We have Donald Trump and many well-known people, to include many women, who are completely supportive of Mayer’s “bold” move. Now claims are being made that the ban is working for Yahoo, but is it really or could other actions have been taken that would truly benefit the whole?
The policy is said to have affected some 200 out of 12,000 Yahoo employees — who used to work full-time from home. I work full-time from home and… as I’d like to better put it, I have 3 full-time jobs (to include my 2 children) and a couple of part-time jobs, but only one full-time job that pays.
Luckily enough I can choose my clients, but nonetheless I still have a boss. I see each of my clients as a boss because I aim to please them with my services. On the same token I have many friends, family and acquaintances that go into an office every single day and spend more time “looking-busy” than actually being productive. My point here is that showing-up to an office doesn’t make you more productive, or productive at all for that matter. Everyone is different.
So, I simply can’t agree with the statement that Mayer’s move serves to eliminate a culture of “blowing off work.” To me leadership isn’t punishing the whole because of the failure of a few; rather it is addressing the specific problem. If there are key people who clearly are not capable of performing their required duties from home, there are two options:
1. That individual should be required to come in to the office to work
2. That person should find employment elsewhere.
Clearly the issue needs to be identified in an individual level so that the person is aware that this is specifically about them and that even if they “show-up” to the office that will not suffice; they will need to bring up their productivity. Is this making sense to anyone else? Also, what happened to compromise, why does it have to be all or nothing? There are many successful companies who have their employees come in to the office to participate in the meetings and team building aspects and work-from home on other days. It’s not too complex.

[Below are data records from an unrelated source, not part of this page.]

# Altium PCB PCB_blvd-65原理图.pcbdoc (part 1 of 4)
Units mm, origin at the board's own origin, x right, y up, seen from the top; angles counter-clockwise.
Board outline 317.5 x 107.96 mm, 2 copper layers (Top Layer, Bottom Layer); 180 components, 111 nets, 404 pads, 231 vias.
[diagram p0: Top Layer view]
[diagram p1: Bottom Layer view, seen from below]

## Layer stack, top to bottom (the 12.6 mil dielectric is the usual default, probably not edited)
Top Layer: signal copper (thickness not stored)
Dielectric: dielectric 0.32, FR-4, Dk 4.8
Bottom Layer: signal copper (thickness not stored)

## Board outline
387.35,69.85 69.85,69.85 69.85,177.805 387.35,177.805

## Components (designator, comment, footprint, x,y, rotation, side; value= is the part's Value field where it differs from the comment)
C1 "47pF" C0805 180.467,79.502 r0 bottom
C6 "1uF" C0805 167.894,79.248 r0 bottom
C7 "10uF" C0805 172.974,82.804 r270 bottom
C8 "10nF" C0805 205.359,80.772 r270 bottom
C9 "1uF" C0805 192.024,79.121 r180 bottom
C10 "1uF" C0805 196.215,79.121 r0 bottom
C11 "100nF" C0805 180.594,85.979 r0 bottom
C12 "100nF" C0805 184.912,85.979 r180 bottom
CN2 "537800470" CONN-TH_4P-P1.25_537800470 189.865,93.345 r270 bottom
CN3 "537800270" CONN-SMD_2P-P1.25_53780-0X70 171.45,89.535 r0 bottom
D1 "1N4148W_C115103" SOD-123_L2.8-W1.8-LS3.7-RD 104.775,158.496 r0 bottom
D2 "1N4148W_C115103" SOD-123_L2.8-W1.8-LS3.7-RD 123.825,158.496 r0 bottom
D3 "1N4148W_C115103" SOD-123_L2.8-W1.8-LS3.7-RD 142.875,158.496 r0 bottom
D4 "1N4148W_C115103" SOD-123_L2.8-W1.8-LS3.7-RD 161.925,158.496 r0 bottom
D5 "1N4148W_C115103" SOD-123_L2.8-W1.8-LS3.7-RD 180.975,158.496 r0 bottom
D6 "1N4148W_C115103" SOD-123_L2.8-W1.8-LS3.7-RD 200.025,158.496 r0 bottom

The reason I’m trying to be real clear here is because people work better in different environments, I for one work great from home. I can prepare breakfast, get my kids ready for school, prepare their school lunch, drop them off at school, do work, prepare dinner, continue doing work, pick the kids up from school, and we can sit down as a family for dinner. None of which would be possible if I had to go into an office. Not to mention if one of the kids get sick or something else happens. I’d probably be less productive at work if I had my mind elsewhere, such as at home worrying about my sick child or rushing work rather than doing a thorough job just to make it in time to pick up my children. I know because I’ve tried and this is what works best for me.
For us to be able to make any other work arrangements I would need to be making a LOT more money and I would have to give up seeing my children a LOT more, which many people choose to do. As for me, I haven’t been able to find a job that makes enough money for before school and after school care and that’s worth me compromising the significant moments I’ve been privileged to share with my children who are growing up way too fast.
I get it, Mayer is thinking of what is best for Yahoo because many employees who were working from home were abusing the system. Let me say this, not just to Mayer, but to everyone who tries to find a one-size-fits-all bandage for complex issues, simple solutions to complex issues do not exist. A true leader will do the work required and address each specific issue at hand – end rant.
I also get it, when Mayer says she never wanted to be the feminist poster girl. After all, she shouldn’t have to be, but that doesn’t mean that she should go ahead and throw the other mom’s and women under the bus either!
Why do I feel like she is? Because of the double standards!
She doesn’t work from home you say. She had a short maternity leave you say. Wow, so would many other moms if they had nursery built adjacent to their company office!
How is what she’s doing an example in any which way? It simply shows us that rather than empowering and supporting one another in the fine juggling act of parenthood and career only the privileged prevail.
The morale of the company was said to be terrible before because the company was thought to be dying, let’s just hope something great happens for the future of Yahoo because this decision is definitely not a morale booster of any type. You would have received my letter of resignation as soon as I had finalized arrangements to work elsewhere.
According to the hiring manager, more resumés have been pouring into Yahoo… I guess I’m not the only one to agree that those without children see that there will soon be more job vacancies from those who will be leaving a company who turned their back on them. In the meantime the media will do whatever it can to make Mayer sound like she’s such a trooper for doing what she did and that Yahoo is on its way back up … after all that’s their job.